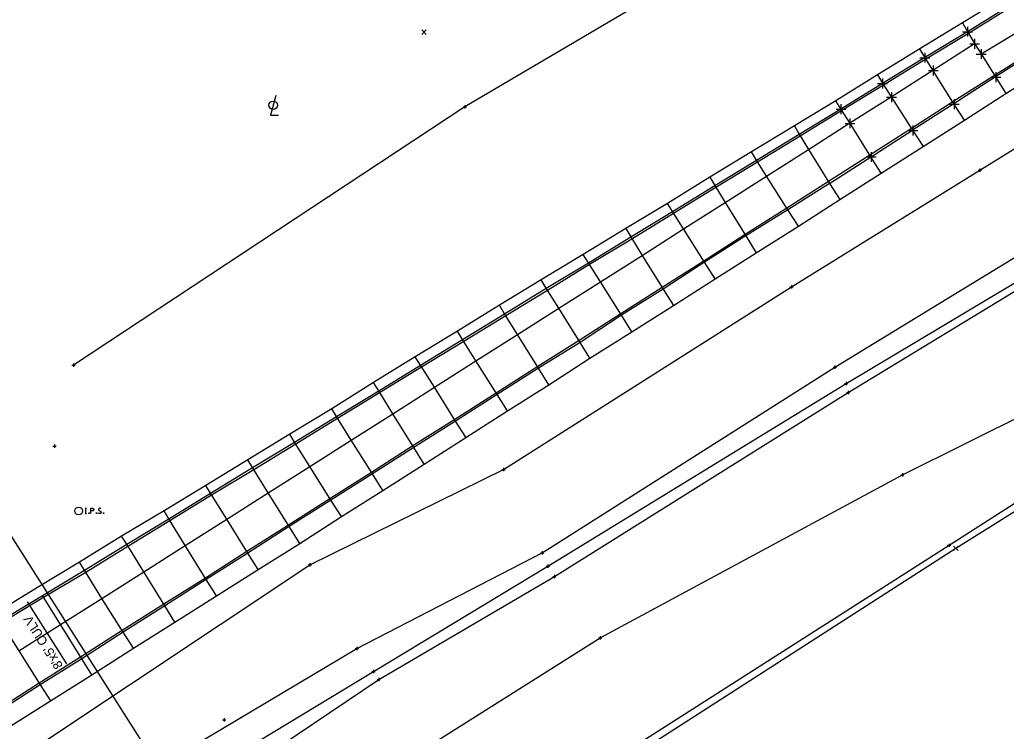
# Model space of a CAD drawing. Extents: x 207090 to 277928, y 600777 to 621109.
# Drawn here: x 261676.8 to 261977.3, y 611702.8 to 611919.6 of the extents above; entities that cross this region are included whole.
import ezdxf

# ---------------------------------------------------------------- set-up
doc = ezdxf.new("R2010")
doc.units = 0
for name, color, linetype in [('BR_X_SV_Abut', 7, 'Continuous'), ('DR_X_Culvert', 7, 'Continuous'), ('DR_X_Ditch', 7, 'Continuous'), ('DR_X_Text', 7, 'Continuous'), ('PM_P_Dotted_Line', 7, 'Continuous'), ('PM_P_Edge_Line', 7, 'Continuous'), ('PM_P_Lane_Line', 7, 'Continuous'), ('PM_P_Stop_Line', 7, 'Continuous'), ('PM_X_Edge_Line', 7, 'Continuous'), ('PV_X_EOP', 7, 'Continuous'), ('PV_X_Joint', 7, 'Continuous'), ('PV_X_Shoulder', 7, 'Continuous'), ('SC_ProfileRun2', 7, 'Continuous'), ('SV_X_LiDAR_Check_Spots', 7, 'Continuous'), ('SV_X_Terrain_Boundary', 7, 'Continuous'), ('SV_X_Toe_of_Slope', 7, 'Continuous')]:
    doc.layers.add(name, color=color, linetype=linetype)

msp = doc.modelspace()

# ---------------------------------------------------------------- linework, layer by layer
at = {"layer": 'BR_X_SV_Abut'}
msp.add_lwpolyline([(261754.78, 611896.47), (261753.2, 611890.49), (261755.57, 611890.49)], dxfattribs=at)
msp.add_circle((261753.99, 611893.52), 1.3, dxfattribs=at)
at = {"layer": 'DR_X_Culvert'}
msp.add_line((261715.99, 611696.51), (261667.47, 611772.86), dxfattribs=at)
at = {"layer": 'DR_X_Ditch'}
msp.add_lwpolyline([(261132.11, 611543.06), (261151.34, 611551.01), (261204.82, 611549.24), (261275.42, 611542.1), (261338.97, 611540.56), (261396.89, 611545.27), (261464.5, 611556.09), (261526.91, 611576.88), (261579.68, 611599.94), (261643.38, 611630.11), (261702.06, 611671.1), (261784.56, 611720.96), (261837.63, 611753.06), (261928.54, 611808.72), (261986.01, 611843.07), (262043.42, 611883.09), (262136.97, 611939.5), (262196.81, 611979.61), (262342.79, 612067.36), (262434.39, 612121.89), (262514.3, 612151.84), (262581.31, 612172.43), (262656.49, 612183.09)], dxfattribs=at)
at = {"layer": 'DR_X_Text'}
msp.add_line((261679.01, 611742.21), (261691, 611723.34), dxfattribs=at)
at = {"layer": 'PM_P_Dotted_Line'}
for points in [[(261696.72, 611770.7), (261697.08, 611770.7)], [(261696.72, 611769.1), (261697.08, 611769.1)], [(261696.9, 611769.1), (261696.9, 611770.7)], [(261697.86, 611769.31), (261697.92, 611769.31), (261697.95, 611769.28), (261697.98, 611769.23), (261697.98, 611769.17), (261697.95, 611769.12), (261697.92, 611769.1), (261697.86, 611769.1), (261697.83, 611769.12), (261697.79, 611769.17), (261697.79, 611769.23), (261697.83, 611769.28), (261697.86, 611769.31)], [(261698.47, 611769.1), (261698.47, 611770.7), (261699, 611770.7), (261699.05, 611770.68), (261699.13, 611770.66), (261699.16, 611770.63), (261699.19, 611770.61), (261699.24, 611770.54), (261699.27, 611770.48), (261699.29, 611770.38), (261699.29, 611770.23), (261699.28, 611770.18), (261699.26, 611770.1), (261699.22, 611770.02), (261699.17, 611769.98), (261699.14, 611769.95), (261699.08, 611769.93), (261699, 611769.91), (261698.47, 611769.91)], [(261700.11, 611769.31), (261700.16, 611769.31), (261700.2, 611769.28), (261700.23, 611769.23), (261700.23, 611769.17), (261700.2, 611769.12), (261700.16, 611769.1), (261700.11, 611769.1), (261700.08, 611769.12), (261700.04, 611769.17), (261700.04, 611769.23), (261700.08, 611769.28), (261700.11, 611769.31)], [(261701.48, 611770.58), (261701.45, 611770.61), (261701.42, 611770.63), (261701.32, 611770.67), (261701.2, 611770.7), (261701.11, 611770.7), (261701.08, 611770.7), (261700.94, 611770.66), (261700.81, 611770.58), (261700.74, 611770.48), (261700.72, 611770.38), (261700.72, 611770.3), (261700.74, 611770.2), (261700.83, 611770.12), (261701.43, 611769.74), (261701.49, 611769.69), (261701.51, 611769.64), (261701.53, 611769.56), (261701.53, 611769.49), (261701.52, 611769.41), (261701.51, 611769.36), (261701.49, 611769.3), (261701.46, 611769.25), (261701.44, 611769.21), (261701.41, 611769.17), (261701.38, 611769.15), (261701.33, 611769.12), (261701.3, 611769.11), (261701.2, 611769.1), (261701.05, 611769.1), (261700.95, 611769.12), (261700.8, 611769.21), (261700.72, 611769.28)], [(261702.29, 611769.31), (261702.35, 611769.31), (261702.38, 611769.28), (261702.41, 611769.23), (261702.41, 611769.17), (261702.38, 611769.12), (261702.35, 611769.1), (261702.29, 611769.1), (261702.26, 611769.12), (261702.23, 611769.17), (261702.23, 611769.23), (261702.26, 611769.28), (261702.29, 611769.31)]]:
    msp.add_lwpolyline(points, dxfattribs=at)
msp.add_circle((261694.71, 611769.89), 1.2, dxfattribs=at)
at = {"layer": 'PM_P_Edge_Line'}
for points in [[(261095.2, 611517.38), (261109.55, 611556.21), (261131.91, 611573.68), (261149.08, 611575.07), (261202.59, 611571.64), (261280.97, 611564.25), (261338.62, 611565.1), (261393.58, 611575.38), (261461.16, 611589.52), (261517.96, 611607.33), (261562.93, 611628.5), (261627.57, 611664.18), (261682.84, 611698.73), (261765.12, 611753.52), (261824.13, 611782.52), (261911.81, 611838.23), (261969.24, 611873.72), (262025.82, 611908.8), (262125.41, 611964.66), (262182.53, 612002.94), (262326.11, 612091.51)], [(261150.65, 611386.42), (261155.64, 611444.15), (261157.57, 611491.18), (261209.46, 611500.37), (261264.83, 611505.15), (261342.34, 611500.54), (261398.44, 611505.87), (261472.12, 611523.34), (261533.41, 611542.89), (261595.48, 611569.82), (261660.17, 611598), (261726.83, 611640.47), (261794.94, 611694.24), (261853.6, 611731.21), (261945.61, 611780.89), (262004.28, 611810.1), (262064.35, 611850.74), (262127.57, 611893.89), (262159.14, 611906.07), (262217.33, 611944.84), (262360.65, 612038.77)]]:
    msp.add_lwpolyline(points, dxfattribs=at)
at = {"layer": 'PM_P_Lane_Line'}
msp.add_lwpolyline([(261153.94, 611385.97), (261160.28, 611443.31), (261165.11, 611483.68), (261209.25, 611484.8), (261264.74, 611486.28), (261342.14, 611487.48), (261398.74, 611488.7), (261481.71, 611501.24), (261537, 611521.16), (261606, 611546.1), (261656.85, 611565.67), (261670.38, 611573.79), (261742.74, 611619.98), (261811.92, 611664.95), (261868.59, 611701.14), (261959.9, 611759.42), (262013.54, 611793.87), (262076.54, 611833.59), (262168.76, 611888.84), (262184.39, 611898.2), (262204.83, 611910.25), (262363.11, 611892.31)], dxfattribs=at)
at = {"layer": 'PM_P_Stop_Line'}
for p, q in [((261811.86, 611893.04), (261812.86, 611893.04)), ((261812.36, 611893.54), (261812.36, 611892.54)), ((261812.36, 611893.04), (261812.36, 611893.04)), ((261968.74, 611873.72), (261969.74, 611873.72)), ((261969.24, 611874.22), (261969.24, 611873.22)), ((261969.24, 611873.72), (261969.24, 611873.72)), ((261911.31, 611838.23), (261912.31, 611838.23)), ((261911.81, 611838.73), (261911.81, 611837.73)), ((261911.81, 611838.23), (261911.81, 611838.23)), ((261692.64, 611814.37), (261693.64, 611814.37)), ((261693.14, 611814.87), (261693.14, 611813.87)), ((261693.14, 611814.37), (261693.14, 611814.37)), ((261924.55, 611813.69), (261925.55, 611813.69)), ((261925.05, 611814.19), (261925.05, 611813.19)), ((261925.05, 611813.69), (261925.05, 611813.69)), ((261928.04, 611808.72), (261929.04, 611808.72)), ((261928.54, 611809.22), (261928.54, 611808.22)), ((261928.54, 611808.72), (261928.54, 611808.72)), ((261928.57, 611806.04), (261929.57, 611806.04)), ((261929.07, 611806.54), (261929.07, 611805.54)), ((261929.07, 611806.04), (261929.07, 611806.04)), ((261823.63, 611782.52), (261824.63, 611782.52)), ((261824.13, 611783.02), (261824.13, 611782.02)), ((261824.13, 611782.52), (261824.13, 611782.52)), ((261945.11, 611780.89), (261946.11, 611780.89)), ((261945.61, 611781.39), (261945.61, 611780.39)), ((261945.61, 611780.89), (261945.61, 611780.89)), ((261959.4, 611759.42), (261960.4, 611759.42)), ((261959.9, 611759.92), (261959.9, 611758.92)), ((261959.9, 611759.42), (261959.9, 611759.42)), ((261835.4, 611757.16), (261836.4, 611757.16)), ((261835.9, 611757.66), (261835.9, 611756.66)), ((261835.9, 611757.16), (261835.9, 611757.16)), ((261764.62, 611753.52), (261765.62, 611753.52)), ((261765.12, 611754.02), (261765.12, 611753.02)), ((261765.12, 611753.52), (261765.12, 611753.52)), ((261837.63, 611753.56), (261837.63, 611752.56)), ((261837.13, 611753.06), (261838.13, 611753.06)), ((261837.63, 611753.06), (261837.63, 611753.06)), ((261839.61, 611750.39), (261839.61, 611749.39)), ((261839.11, 611749.89), (261840.11, 611749.89)), ((261839.61, 611749.89), (261839.61, 611749.89)), ((261853.1, 611731.21), (261854.1, 611731.21)), ((261853.6, 611731.71), (261853.6, 611730.71)), ((261853.6, 611731.21), (261853.6, 611731.21)), ((261778.95, 611728.01), (261779.95, 611728.01)), ((261779.45, 611728.51), (261779.45, 611727.51)), ((261779.45, 611728.01), (261779.45, 611728.01)), ((261784.06, 611720.96), (261785.06, 611720.96)), ((261784.56, 611721.46), (261784.56, 611720.46)), ((261784.56, 611720.96), (261784.56, 611720.96)), ((261785.6, 611718.54), (261786.6, 611718.54)), ((261786.1, 611719.04), (261786.1, 611718.04)), ((261786.1, 611718.54), (261786.1, 611718.54))]:
    msp.add_line(p, q, dxfattribs=at)
at = {"layer": 'PM_X_Edge_Line'}
for p, q in [((261799.22, 611915.14), (261800.55, 611916.48)), ((261799.22, 611916.48), (261800.55, 611915.14)), ((261961.23, 611757.84), (261962.57, 611759.18)), ((261961.23, 611759.18), (261962.57, 611757.84))]:
    msp.add_line(p, q, dxfattribs=at)
for points in [[(261671.16, 611735.77), (261684, 611743.61), (261696.86, 611751.28), (261709.72, 611759.19), (261722.48, 611767.02), (261735.16, 611774.85), (261748.05, 611782.52), (261760.83, 611790.38), (261773.6, 611798.18), (261786.4, 611806.01), (261799.18, 611813.78), (261811.99, 611821.61), (261824.79, 611829.47), (261837.51, 611837.22), (261850.31, 611845.08), (261863.19, 611852.87), (261875.94, 611860.67), (261888.85, 611868.58), (261901.48, 611876.33), (261914.47, 611884.22), (261927.2, 611892.01), (261939.92, 611899.74), (261952.77, 611907.64), (261965.72, 611915.54), (261979.19, 611923.84)], [(261987.04, 611911.02), (261973.73, 611902.58), (261960.97, 611894.57), (261948.41, 611886.44), (261935.72, 611878.33), (261923.12, 611870.27), (261910.43, 611862.14), (261897.73, 611854.15), (261885.18, 611846.05), (261872.49, 611837.95), (261859.82, 611829.99), (261847.16, 611821.82), (261834.56, 611813.88), (261821.93, 611805.77), (261809.26, 611797.74), (261796.5, 611789.75), (261783.94, 611781.62), (261771.23, 611773.59), (261758.6, 611765.54), (261745.94, 611757.51), (261733.31, 611749.45), (261720.64, 611741.44), (261707.99, 611733.42), (261695.31, 611725.36), (261682.69, 611717.38), (261669.95, 611709.28)]]:
    msp.add_lwpolyline(points, dxfattribs=at)
at = {"layer": 'PV_X_EOP'}
for points in [[(261977.36, 611926.85), (261963.96, 611918.66), (261950.93, 611910.7), (261938.09, 611902.8), (261925.33, 611894.88), (261912.73, 611887.26), (261899.71, 611879.33), (261886.93, 611871.58), (261874.07, 611863.63), (261861.34, 611855.98), (261848.38, 611848.08), (261835.62, 611840.33), (261822.93, 611832.57), (261810.09, 611824.67), (261797.24, 611816.86), (261784.54, 611809.03), (261771.88, 611801.07), (261759.09, 611793.3), (261746.24, 611785.48), (261733.45, 611777.61), (261720.73, 611769.93), (261707.8, 611762.18), (261694.96, 611754.32), (261682.21, 611746.6), (261669.39, 611738.7)], [(261673.28, 611703.86), (261686.12, 611712.05), (261698.69, 611719.95), (261711.39, 611728.07), (261723.96, 611735.96), (261736.7, 611744.03), (261749.35, 611752.05), (261762.07, 611760.02), (261774.74, 611768.21), (261787.41, 611776.13), (261799.93, 611784.15), (261812.7, 611792.25), (261825.32, 611800.39), (261837.94, 611808.33), (261850.46, 611816.48), (261863.23, 611824.47), (261875.92, 611832.52), (261888.64, 611840.61), (261901.06, 611848.61), (261913.98, 611856.68), (261926.58, 611864.79), (261939.15, 611872.89), (261951.92, 611880.98), (261964.51, 611889), (261977.18, 611897.17), (261990.4, 611905.54)]]:
    msp.add_lwpolyline(points, dxfattribs=at)
at = {"layer": 'PV_X_Joint'}
msp.add_line((261923.45, 611869.73), (261948.72, 611885.95), dxfattribs=at)
for points in [[(261969.67, 611909.16), (261983.14, 611917.37), (261996.1, 611925.21), (262008.82, 611933.05), (262021.68, 611940.97), (262034.35, 611948.61), (262047.25, 611956.47), (262060.1, 611964.3), (262072.81, 611971.98), (262085.45, 611979.77), (262098.39, 611987.63), (262111.17, 611995.43), (262123.99, 612003.24), (262136.83, 612011.09), (262149.61, 612018.97), (262162.63, 612026.86), (262175.23, 612034.57), (262188.24, 612042.4), (262201.02, 612050.15), (262213.81, 612057.93), (262226.71, 612065.72), (262239.38, 612073.54)], [(262243.57, 612066.59), (262230.75, 612058.86), (262217.78, 612051.06), (262205.03, 612043.31), (262192.24, 612035.51), (262179.39, 612027.69), (262166.53, 612019.86), (262153.73, 612012.08), (262140.88, 612004.22), (262127.96, 611996.3), (262115.21, 611988.56), (262102.49, 611980.81), (262089.66, 611973.04), (262076.89, 611965.25), (262064.18, 611957.49), (262051.34, 611949.71), (262038.5, 611941.83), (262025.79, 611934.15), (262012.96, 611926.27), (262000.04, 611918.42), (261987.29, 611910.61), (261974, 611902.15), (261961.33, 611894), (261948.72, 611885.95)], [(261926.92, 611892.44), (261939.58, 611900.25), (261952.43, 611908.17), (261965.41, 611916.06), (261978.9, 611924.32)], [(261963.96, 611918.66), (261965.41, 611916.06), (261967.62, 611912.4), (261969.67, 611909.16), (261974, 611902.15), (261977.18, 611897.17)], [(261676.53, 611727.24), (261689.15, 611735.26), (261701.8, 611743.24), (261714.57, 611751.34), (261727.17, 611759.36), (261739.83, 611767.41), (261752.48, 611775.39), (261765.13, 611783.45), (261777.76, 611791.47), (261790.38, 611799.52), (261803.08, 611807.62), (261815.72, 611815.67), (261828.43, 611823.69), (261841.01, 611831.72), (261853.67, 611839.68), (261866.33, 611847.77), (261879, 611855.85), (261891.69, 611863.93), (261904.25, 611871.96), (261917.03, 611880.09), (261929.62, 611888.16), (261942.25, 611896.15), (261954.93, 611904.24), (261967.62, 611912.4)], [(261964.51, 611889), (261961.33, 611894), (261954.93, 611904.24), (261952.43, 611908.17), (261950.93, 611910.7)], [(261938.09, 611902.8), (261939.58, 611900.25), (261942.25, 611896.15), (261948.72, 611885.95), (261951.92, 611880.98)], [(261939.15, 611872.89), (261936.04, 611877.81), (261929.62, 611888.16), (261926.92, 611892.44), (261925.33, 611894.88)], [(261670.85, 611736.27), (261683.69, 611744.1), (261696.49, 611751.89), (261709.38, 611759.74), (261722.15, 611767.54), (261734.87, 611775.31), (261747.69, 611783.1), (261760.5, 611790.91), (261773.28, 611798.7), (261786.1, 611806.49), (261798.85, 611814.31), (261811.68, 611822.1), (261824.47, 611829.97), (261837.16, 611837.76), (261850.01, 611845.56), (261862.86, 611853.39), (261875.62, 611861.17), (261888.54, 611869.07), (261901.21, 611876.76), (261914.16, 611884.72), (261926.92, 611892.44)], [(261912.73, 611887.26), (261914.16, 611884.72), (261917.03, 611880.09), (261923.45, 611869.73), (261926.58, 611864.79)], [(261913.98, 611856.68), (261910.72, 611861.68), (261904.25, 611871.96), (261901.21, 611876.76), (261899.71, 611879.33)], [(261886.93, 611871.58), (261888.54, 611869.07), (261891.69, 611863.93), (261897.96, 611853.76), (261901.06, 611848.61)], [(261923.45, 611869.73), (261910.72, 611861.68), (261897.96, 611853.76), (261885.39, 611845.72), (261872.79, 611837.48), (261860.08, 611829.58), (261847.49, 611821.28), (261834.82, 611813.46), (261822.17, 611805.38), (261809.54, 611797.29), (261796.82, 611789.24), (261784.21, 611781.2), (261771.5, 611773.16), (261758.87, 611765.11), (261746.2, 611757.08), (261733.58, 611749.02), (261720.92, 611740.98), (261708.28, 611732.97), (261695.66, 611724.79), (261683.01, 611716.86), (261670.27, 611708.76)], [(261888.64, 611840.61), (261885.39, 611845.72), (261879, 611855.85), (261875.62, 611861.17), (261874.07, 611863.63)], [(261861.34, 611855.98), (261862.86, 611853.39), (261866.33, 611847.77), (261872.79, 611837.48), (261875.92, 611832.52)], [(261863.23, 611824.47), (261860.08, 611829.58), (261853.67, 611839.68), (261850.01, 611845.56), (261848.38, 611848.08)], [(261850.46, 611816.48), (261847.49, 611821.28), (261841.01, 611831.72), (261837.16, 611837.76), (261835.62, 611840.33)], [(261837.94, 611808.33), (261834.82, 611813.46), (261828.43, 611823.69), (261824.47, 611829.97), (261822.93, 611832.57)], [(261825.32, 611800.39), (261822.17, 611805.38), (261815.72, 611815.67), (261811.68, 611822.1), (261810.09, 611824.67)], [(261812.7, 611792.35), (261809.54, 611797.29), (261803.08, 611807.62), (261798.85, 611814.31), (261797.24, 611816.86)], [(261799.93, 611784.15), (261796.82, 611789.24), (261790.38, 611799.52), (261786.1, 611806.49), (261784.54, 611809.03)], [(261787.41, 611776.13), (261784.21, 611781.2), (261777.76, 611791.47), (261773.28, 611798.7), (261771.88, 611801.07)], [(261774.74, 611768.21), (261771.5, 611773.16), (261765.13, 611783.45), (261760.5, 611790.91), (261759.09, 611793.3)], [(261762.07, 611760.02), (261758.87, 611765.11), (261752.48, 611775.39), (261747.69, 611783.1), (261746.24, 611785.48)], [(261749.35, 611752.05), (261746.2, 611757.08), (261739.83, 611767.41), (261734.87, 611775.31), (261733.45, 611777.61)], [(261736.7, 611744.03), (261733.58, 611749.02), (261727.17, 611759.36), (261722.15, 611767.54), (261720.73, 611769.93)], [(261723.96, 611735.96), (261720.92, 611740.98), (261714.57, 611751.34), (261709.38, 611759.74), (261707.8, 611762.18)], [(261711.39, 611728.07), (261708.28, 611732.97), (261701.8, 611743.24), (261696.49, 611751.89), (261694.96, 611754.32)], [(261698.69, 611719.95), (261695.66, 611724.79), (261689.15, 611735.26), (261683.69, 611744.1)], [(261670.85, 611736.27), (261676.53, 611727.24), (261683.01, 611716.86), (261686.12, 611712.05)]]:
    msp.add_lwpolyline(points, dxfattribs=at)
at = {"layer": 'PV_X_Shoulder'}
msp.add_line((261969.67, 611909.16), (261969.64, 611909.14), dxfattribs=at)
at = {"layer": 'SC_ProfileRun2'}
for p, q in [((261686.84, 611789.68), (261687.84, 611789.68)), ((261687.34, 611790.18), (261687.34, 611789.18)), ((261687.34, 611789.68), (261687.34, 611789.68)), ((261738.54, 611706.2), (261739.54, 611706.2)), ((261739.04, 611706.7), (261739.04, 611705.7)), ((261739.04, 611706.2), (261739.04, 611706.2))]:
    msp.add_line(p, q, dxfattribs=at)
at = {"layer": 'SV_X_LiDAR_Check_Spots'}
for p, q in [((261963.95, 611915.96), (261966.95, 611915.96)), ((261965.45, 611917.46), (261965.45, 611914.46)), ((261965.45, 611915.96), (261965.45, 611915.96)), ((261967.63, 611913.78), (261967.63, 611910.78)), ((261952.47, 611909.54), (261952.47, 611906.54)), ((261966.13, 611912.28), (261969.13, 611912.28)), ((261967.63, 611912.28), (261967.63, 611912.28)), ((261969.64, 611910.64), (261969.64, 611907.64)), ((261950.97, 611908.04), (261953.97, 611908.04)), ((261952.47, 611908.04), (261952.47, 611908.04)), ((261968.14, 611909.14), (261971.14, 611909.14)), ((261969.64, 611909.14), (261969.64, 611909.14)), ((261953.54, 611904.15), (261956.54, 611904.15)), ((261955.04, 611905.65), (261955.04, 611902.65)), ((261955.04, 611904.15), (261955.04, 611904.15)), ((261974.07, 611903.58), (261974.07, 611900.58)), ((261939.56, 611901.65), (261939.56, 611898.65)), ((261972.57, 611902.08), (261975.57, 611902.08)), ((261974.07, 611902.08), (261974.07, 611902.08)), ((261938.06, 611900.15), (261941.06, 611900.15)), ((261939.56, 611900.15), (261939.56, 611900.15)), ((261942.29, 611897.52), (261942.29, 611894.52)), ((261940.79, 611896.02), (261943.79, 611896.02)), ((261942.29, 611896.02), (261942.29, 611896.02)), ((261961.4, 611895.37), (261961.4, 611892.37)), ((261925.41, 611892.37), (261928.41, 611892.37)), ((261926.91, 611893.87), (261926.91, 611890.87)), ((261926.91, 611892.37), (261926.91, 611892.37)), ((261959.9, 611893.87), (261962.9, 611893.87)), ((261961.4, 611893.87), (261961.4, 611893.87)), ((261929.65, 611889.51), (261929.65, 611886.51)), ((261928.15, 611888.01), (261931.15, 611888.01)), ((261929.65, 611888.01), (261929.65, 611888.01)), ((261947.29, 611885.83), (261950.29, 611885.83)), ((261948.79, 611887.33), (261948.79, 611884.33)), ((261948.79, 611885.83), (261948.79, 611885.83)), ((261934.66, 611877.78), (261937.66, 611877.78)), ((261936.16, 611879.28), (261936.16, 611876.28)), ((261936.16, 611877.78), (261936.16, 611877.78))]:
    msp.add_line(p, q, dxfattribs=at)
at = {"layer": 'SV_X_Terrain_Boundary'}
msp.add_lwpolyline([(261670.38, 611573.79), (261744.36, 611617.34), (261814.33, 611663.74), (261869.18, 611698.9), (261961.9, 611758.51), (262015.3, 611791.96), (262079.06, 611831.97), (262076.54, 611833.59), (262168.76, 611888.84), (262184.39, 611898.2), (262204.83, 611910.25), (262363.11, 611892.31)], dxfattribs=at)
at = {"layer": 'SV_X_Toe_of_Slope'}
for points in [[(261729.51, 611698.17), (261779.45, 611728.01), (261835.9, 611757.16), (261925.05, 611813.69), (261983.11, 611849.16), (262040.29, 611887.78), (262135.2, 611943.79), (262193.94, 611983.59), (262339.69, 612072.56), (262431.52, 612127.67), (262513.25, 612156.24), (262580.26, 612177.17), (262655.37, 612187.35)], [(261135.4, 611543.42), (261151.99, 611545.22), (261205.95, 611544.69), (261267.18, 611537.07), (261340.59, 611536.02), (261398.29, 611542.06), (261464.98, 611551.3), (261527.41, 611569.91), (261584.17, 611593.02), (261647.78, 611623.35), (261706.85, 611665.06), (261786.1, 611718.54), (261839.61, 611749.89), (261929.07, 611806.04), (261986.89, 611841.11), (262047.29, 611878.6), (262138.86, 611935.4), (262200.14, 611972.99), (262344.06, 612064.28), (262436.85, 612118.36), (262514.09, 612148.95), (262582.72, 612168.49), (262657.34, 612178.41)], [(262283.04, 612168.99), (262271.51, 612147.23), (262176.6, 612102.62), (262080.36, 612054.77), (261984.45, 612003.37), (261899.63, 611944.52), (261812.36, 611893.04), (261693.14, 611814.37)]]:
    msp.add_lwpolyline(points, dxfattribs=at)

# ---------------------------------------------------------------- texts
at = {"layer": 'DR_X_Text'}
msp.add_text("8'x5' CULV", height=2.8, rotation=122.4417, dxfattribs=at).set_placement((261690.05, 611722.79))

doc.saveas('drawing.dxf')

## Exercise aim
A word-for-word copy is needed, starting at the first line of the listing and ending with the line bearing "doc.units = 0". No pictures.

## Response
# Model space of a CAD drawing. Extents: x 207090 to 277928, y 600777 to 621109.
# Drawn here: x 261676.8 to 261977.3, y 611702.8 to 611919.6 of the extents above; entities that cross this region are included whole.
import ezdxf

# ---------------------------------------------------------------- set-up
doc = ezdxf.new("R2010")
doc.units = 0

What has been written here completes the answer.